Contaminazione del campione
La principale applicazione dell'elettroforesi è uno strumento per l'analisi del DNA in biologia molecolare, ma è anche usato in medicina legale come mezzo per identificare campioni da una scena del crimine. È importante ridurre al minimo le fonti di errori in questa tecnica per ottenere risultati accurati. Una fonte di errore è la contaminazione del campione di DNA. Se nel campione è presente DNA estraneo, il gel avrà più bande di quelle che si troveranno in un gel che contiene solo il campione purificato.

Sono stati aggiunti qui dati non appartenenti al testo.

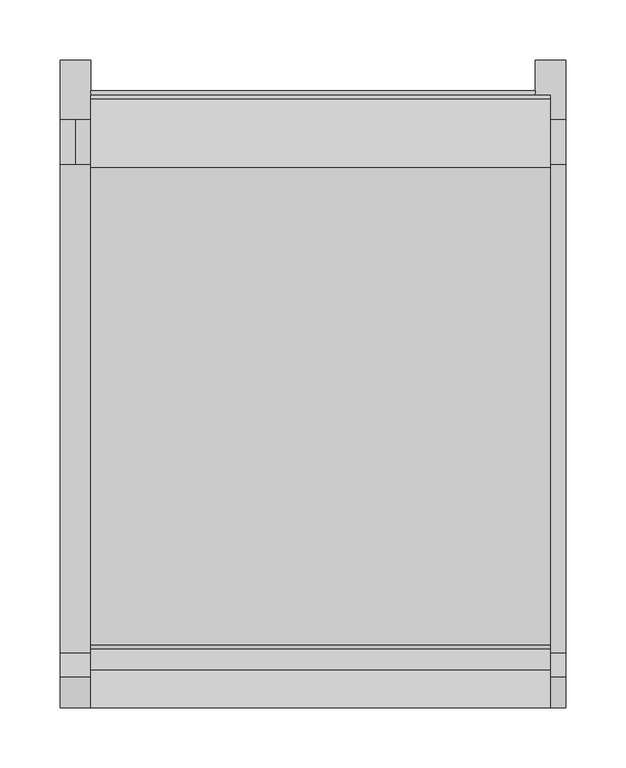
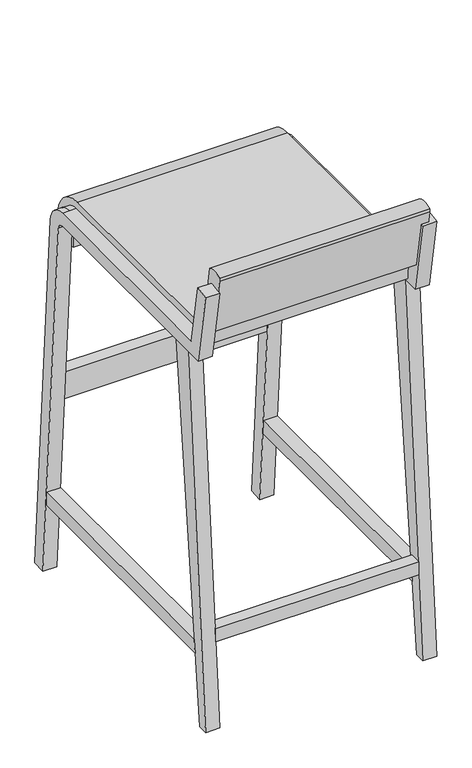
"""IFC4 building model written with IfcOpenShell, lengths in millimetres: furniture geometry, Bar_Stool_6722[1] : Bar_Stool_6722[1]."""

import ifcopenshell
import ifcopenshell.guid

model = None  # the IFC model being written
_history = None  # IfcOwnerHistory: only IFC2X3 demands one
_inside = {}  # id of a spatial element -> (the spatial element, [elements in it])
_under = {}  # id of a project, library or spatial element -> (it, [spatial elements below it])
_declared = {}  # id of a project -> (the project, [libraries it declares])
_typed = {}  # id of a type object -> (the type object, [elements of that type])
_made_of = {}  # id of a material, layer set ... -> (it, [elements and type objects made of it])


def new_model(schema):
    """Start an empty IFC model of exactly this schema.

    Asked for "IFC4X3", IfcOpenShell would pick the latest addendum, in which some entities
    have other attributes; the version numbers below select the first issue.
    IFC2X3 requires an IfcOwnerHistory on every rooted entity: one is made here for all.
    """
    global model, _history
    if schema == "IFC4X3":
        model = ifcopenshell.file(schema_version=(4, 3, 0, 0))
    else:
        model = ifcopenshell.file(schema=schema)
    _inside.clear()
    _under.clear()
    _declared.clear()
    _typed.clear()
    _made_of.clear()
    _history = None
    if model.schema == "IFC2X3":
        org = make("IfcOrganization", Name="unknown")
        user = make(
            "IfcPersonAndOrganization",
            ThePerson=make("IfcPerson", FamilyName="unknown"),
            TheOrganization=org,
        )
        app = make(
            "IfcApplication",
            ApplicationDeveloper=org,
            Version="unknown",
            ApplicationFullName="unknown",
            ApplicationIdentifier="unknown",
        )
        _history = make(
            "IfcOwnerHistory",
            OwningUser=user,
            OwningApplication=app,
            ChangeAction="ADDED",
            CreationDate=0,
        )
    return model


def make(cls, **values):
    """One entity of the class cls with the attributes given. An attribute that is None is left unset."""
    return model.create_entity(
        cls, **{name: value for name, value in values.items() if value is not None}
    )


def rooted(cls, **values):
    """An entity with a GlobalId (a new one), such as an element, a storey or a relation."""
    return make(cls, GlobalId=ifcopenshell.guid.new(), OwnerHistory=_history, **values)


def si_unit(unit_type, name, prefix=None):
    """IfcSIUnit, for example si_unit("LENGTHUNIT", "METRE", prefix="MILLI")."""
    return make("IfcSIUnit", UnitType=unit_type, Prefix=prefix, Name=name)


def assignment(units):
    """IfcUnitAssignment: the units of a project."""
    return None if units is None else make("IfcUnitAssignment", Units=units)


def point(xyz):
    """IfcCartesianPoint."""
    return None if xyz is None else make("IfcCartesianPoint", Coordinates=xyz)


def direction(xyz):
    """IfcDirection."""
    return None if xyz is None else make("IfcDirection", DirectionRatios=xyz)


def frame(location, z_axis=None, x_axis=None):
    """IfcAxis2Placement3D, a coordinate frame: its origin and axes. An axis left out is left unset."""
    return make(
        "IfcAxis2Placement3D",
        Location=point(location),
        Axis=direction(z_axis),
        RefDirection=direction(x_axis),
    )


def frame_2d(location, x_axis=None):
    """IfcAxis2Placement2D, a coordinate frame in the plane: its origin and x axis."""
    return make(
        "IfcAxis2Placement2D", Location=point(location), RefDirection=direction(x_axis)
    )


def origin():
    """The frame at (0, 0, 0) with its axes left unset."""
    return frame((0.0, 0.0, 0.0))


def place(relative_to, where):
    """IfcLocalPlacement: puts the frame where relative to a parent placement (None: the world)."""
    return make(
        "IfcLocalPlacement", PlacementRelTo=relative_to, RelativePlacement=where
    )


def context(
    kind, dimensions, precision=None, world=None, true_north=None, identifier=None
):
    """IfcGeometricRepresentationContext, for example the 3D "Model" context."""
    return make(
        "IfcGeometricRepresentationContext",
        ContextIdentifier=identifier,
        ContextType=kind,
        CoordinateSpaceDimension=dimensions,
        Precision=precision,
        WorldCoordinateSystem=world,
        TrueNorth=true_north,
    )


def project(units=None, contexts=None):
    """IfcProject with its units and contexts."""
    return rooted(
        "IfcProject",
        Name="project",
        RepresentationContexts=contexts,
        UnitsInContext=assignment(units),
    )


def spatial(cls, under=None, at=None, **own):
    """A site, building, storey or space (cls), placed at a placement, below another one or the project."""
    s = rooted(cls, ObjectPlacement=at, **own)
    if under is not None:
        _under.setdefault(under.id(), (under, []))[1].append(s)
    return s


def polyline(points):
    """IfcPolyline through the points."""
    return make("IfcPolyline", Points=[point(p) for p in points])


def circle_curve(where, radius):
    """IfcCircle in the frame where."""
    return make("IfcCircle", Position=where, Radius=radius)


def trimmed(basis, trim1, trim2, sense, master):
    """IfcTrimmedCurve: the piece of a basis curve between two trims."""
    return make(
        "IfcTrimmedCurve",
        BasisCurve=basis,
        Trim1=trim1,
        Trim2=trim2,
        SenseAgreement=sense,
        MasterRepresentation=master,
    )


def segment(curve, same_sense, transition):
    """IfcCompositeCurveSegment."""
    return make(
        "IfcCompositeCurveSegment",
        Transition=transition,
        SameSense=same_sense,
        ParentCurve=curve,
    )


def composite_curve(segments, self_intersect=None):
    """IfcCompositeCurve: segments joined end to end."""
    return make("IfcCompositeCurve", Segments=segments, SelfIntersect=self_intersect)


def outline(outer, holes=None, kind="AREA"):
    """IfcArbitraryClosedProfileDef: a profile drawn as a closed curve; with holes, ...WithVoids."""
    if holes is None:
        return make("IfcArbitraryClosedProfileDef", ProfileType=kind, OuterCurve=outer)
    return make(
        "IfcArbitraryProfileDefWithVoids",
        ProfileType=kind,
        OuterCurve=outer,
        InnerCurves=holes,
    )


def extrude(swept, where, along, depth):
    """IfcExtrudedAreaSolid: the profile swept, set in the frame where, extruded along a direction by depth."""
    return make(
        "IfcExtrudedAreaSolid",
        SweptArea=swept,
        Position=where,
        ExtrudedDirection=direction(along),
        Depth=depth,
    )


def shape(context_of_items, identifier, shape_type, items):
    """IfcShapeRepresentation: the items that make up one representation, for example the "Body"."""
    return make(
        "IfcShapeRepresentation",
        ContextOfItems=context_of_items,
        RepresentationIdentifier=identifier,
        RepresentationType=shape_type,
        Items=items,
    )


def source(mapping_origin, context_of_items, identifier, shape_type, items):
    """IfcRepresentationMap: a shape defined once, which mapped items show again and again."""
    return make(
        "IfcRepresentationMap",
        MappingOrigin=mapping_origin,
        MappedRepresentation=shape(context_of_items, identifier, shape_type, items),
    )


def transform(
    local_origin,
    x_axis=None,
    y_axis=None,
    z_axis=None,
    scale=None,
    scale2=None,
    scale3=None,
    uniform=True,
):
    """IfcCartesianTransformationOperator3D, or its non-uniform kind. x_axis, y_axis, z_axis: its Axis1, 2, 3."""
    if uniform:
        return make(
            "IfcCartesianTransformationOperator3D",
            Axis1=direction(x_axis),
            Axis2=direction(y_axis),
            LocalOrigin=point(local_origin),
            Scale=scale,
            Axis3=direction(z_axis),
        )
    return make(
        "IfcCartesianTransformationOperator3DnonUniform",
        Axis1=direction(x_axis),
        Axis2=direction(y_axis),
        LocalOrigin=point(local_origin),
        Scale=scale,
        Axis3=direction(z_axis),
        Scale2=scale2,
        Scale3=scale3,
    )


def mapped(mapping_source, mapping_target):
    """IfcMappedItem: shows the shape of a source again, moved by a transform."""
    return make(
        "IfcMappedItem", MappingSource=mapping_source, MappingTarget=mapping_target
    )


def made_of(thing, what):
    """Note that an element or type object is made of a material, layer set ...; save() writes the relation."""
    if what is not None:
        _made_of.setdefault(what.id(), (what, []))[1].append(thing)
    return thing


def element(
    cls,
    number,
    at=None,
    inside=None,
    cuts=None,
    type_object=None,
    material=None,
    context=None,
    identifier="Body",
    shape_type=None,
    held_by="IfcProductDefinitionShape",
    body=None,
    shapes=None,
    **own,
):
    """One element of the class cls, such as IfcWall. Its Tag is "e" and its number.

    at: its placement. inside: the storey or other place that contains it. cuts: it is an
    opening in that element (IfcRelVoidsElement). A single representation is given by context,
    identifier, shape_type and body (its items); several are given by shapes. held_by: the class
    of the entity that holds the representations. save() writes the other relations.
    """
    e = rooted(cls, Tag="e%d" % number, ObjectPlacement=at, **own)
    if body is not None:
        shapes = [shape(context, identifier, shape_type, body)]
    if shapes is not None:
        e.Representation = make(held_by, Representations=shapes)
    if inside is not None:
        _inside.setdefault(inside.id(), (inside, []))[1].append(e)
    if cuts is not None:
        rooted(
            "IfcRelVoidsElement", RelatingBuildingElement=cuts, RelatedOpeningElement=e
        )
    if type_object is not None:
        _typed.setdefault(type_object.id(), (type_object, []))[1].append(e)
    return made_of(e, material)


def aggregate(whole, parts):
    """IfcRelAggregates: a whole, such as a stair, and the parts it consists of."""
    return rooted("IfcRelAggregates", RelatingObject=whole, RelatedObjects=parts)


def save(model, path):
    """Write the relations noted so far, then the file.

    IfcRelAggregates (storeys below a building ...), IfcRelContainedInSpatialStructure (elements
    in a storey), IfcRelDefinesByType, IfcRelAssociatesMaterial and IfcRelDeclares: one each for
    every whole, place, type object, material and project.
    """
    for whole, parts in _under.values():
        aggregate(whole, parts)
    for where, things in _inside.values():
        rooted(
            "IfcRelContainedInSpatialStructure",
            RelatedElements=things,
            RelatingStructure=where,
        )
    for kind, things in _typed.values():
        rooted("IfcRelDefinesByType", RelatedObjects=things, RelatingType=kind)
    for what, things in _made_of.values():
        rooted("IfcRelAssociatesMaterial", RelatedObjects=things, RelatingMaterial=what)
    for by, libraries in _declared.values():
        rooted("IfcRelDeclares", RelatingContext=by, RelatedDefinitions=libraries)
    model.write(path)


def plane_surface(at):
    """IfcPlane: the flat surface through the origin of the frame at, square to its z axis."""
    return make("IfcPlane", Position=at)


def cylinder_surface(at, radius):
    """IfcCylindricalSurface: all points at the distance radius from the z axis of the frame at."""
    return make("IfcCylindricalSurface", Position=at, Radius=radius)


def revolved_surface(curve, axis_point, axis_direction):
    """IfcSurfaceOfRevolution: the curve turned about the line through axis_point along axis_direction."""
    return make(
        "IfcSurfaceOfRevolution",
        SweptCurve=make("IfcArbitraryOpenProfileDef", ProfileType="CURVE", Curve=curve),
        AxisPosition=make("IfcAxis1Placement", Location=point(axis_point), Axis=direction(axis_direction)),
    )


def advanced_brep(points, edges, surfaces, faces):
    """IfcAdvancedBrep: a solid bounded by faces that lie on surfaces and meet in shared edges.

    An edge is (start, end): straight between two places in points (the first is 0);
    or (start, end, curve); or (start, end, curve, False) where it runs against its curve.
    A face is (place in surfaces, loops), or (place, loops, False) where it looks against
    its surface's normal. A loop lists edges by number (the first is 1), with a minus sign
    where the edge is run from its end to its start. The first loop is the outer one.
    """
    corners = [point(p) for p in points]
    vertices = [make("IfcVertexPoint", VertexGeometry=c) for c in corners]
    made = []
    for start, end, *more in edges:
        made.append(
            make(
                "IfcEdgeCurve",
                EdgeStart=vertices[start],
                EdgeEnd=vertices[end],
                EdgeGeometry=more[0] if more else make("IfcPolyline", Points=[corners[start], corners[end]]),
                SameSense=more[1] if len(more) > 1 else True,
            )
        )
    hull = []
    for where, loops, *sense in faces:
        bounds = []
        for j, loop in enumerate(loops):
            ring = [make("IfcOrientedEdge", EdgeElement=made[abs(k) - 1], Orientation=k > 0) for k in loop]
            bounds.append(
                make(
                    "IfcFaceOuterBound" if j == 0 else "IfcFaceBound",
                    Bound=make("IfcEdgeLoop", EdgeList=ring),
                    Orientation=True,
                )
            )
        hull.append(make("IfcAdvancedFace", Bounds=bounds, FaceSurface=surfaces[where], SameSense=sense[0] if sense else True))
    return make("IfcAdvancedBrep", Outer=make("IfcClosedShell", CfsFaces=hull))


def furniture_d221970b(model_context):
    return source(origin(), model_context, "Body", "SolidModel", [
        advanced_brep(
        [(419.1, 25.0141169, 838.4759165), (393.7, 25.0141169, 838.4759165), (393.7, 0.0, 834.0652528), (419.1, 0.0, 834.0652528), (419.1, 45.2169423, 723.9), (393.7, 45.2169423, 723.9), (393.7, 450.0350637, 723.9), (393.7, 488.0397183, 688.4937383), (393.7, 536.7759384, 0.8979128), (393.7, 511.439502, -0.8979128), (393.7, 462.7032819, 686.6979128), (393.7, 450.0350637, 698.5), (393.7, 23.9038117, 698.5), (419.1, 23.9038117, 698.5), (419.1, 450.0350637, 698.5), (419.1, 462.7032819, 686.6979128), (419.1, 511.439502, -0.8979128), (419.1, 536.7759384, 0.8979128), (419.1, 488.0397183, 688.4937383), (419.1, 450.0350637, 723.9), (406.4, 450.0350637, 723.9), (406.4, 488.0397183, 688.4937383)],
        [
            (0, 1),
            (1, 2),
            (2, 3),
            (3, 0),
            (0, 4),
            (4, 5),
            (5, 1),
            (5, 6),
            (6, 7, circle_curve(frame((393.7, 450.0350637, 685.8), z_axis=(-1.0, 0.0, 0.0), x_axis=(0.0, 0.0, 1.0)), 38.1)),
            (7, 8),
            (8, 9),
            (9, 10),
            (10, 11, circle_curve(frame((393.7, 450.0350637, 685.8), z_axis=(1.0, 0.0, 0.0), x_axis=(0.0, 0.0, 1.0)), 12.7)),
            (11, 12),
            (12, 2),
            (12, 13),
            (13, 3),
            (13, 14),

Problemi con il gel, la corrente e il tampone
la concentrazione del gel deve essere corretta per evitare errori. Se la concentrazione è troppo alta o troppo bassa, i frammenti migreranno troppo lentamente o troppo rapidamente. Ciò porterà ad errori nella risoluzione delle diverse bande. Durante la corsa di elettroforesi, è necessario prestare attenzione per garantire che la tensione sia costante. Qualsiasi fluttuazione della tensione provocherà la migrazione instabile di frammenti di DNA, portando a errori nella lettura delle bande. Anche la soluzione tampone deve essere della composizione corretta, in quanto un tampone con pH o concentrazione ionica errati cambierà la forma dei frammenti di DNA, cambiando anche i tempi di migrazione.
Visualizzazione corretta
Soprattutto, il gel deve essere visualizzato correttamente. Se la concentrazione del colorante o sonda radioattiva utilizzata per visualizzare i campioni è troppo alta, l'immagine risultante sarà molto confusa, in quanto verranno visualizzati anche frammenti residui. Se la concentrazione di gel è troppo bassa, non ci sarà visualizzazione. Quando i processi corretti sono stati seguiti durante tutte le fasi, l'elettroforesi su gel produrrà risultati accurati e utilizzabili con grande sicurezza. Come con tutte le procedure scientifiche, l'elettroforesi su gel può essere soggetta a errori, ma questi possono essere minimizzati con una preparazione e una manipolazione adeguate.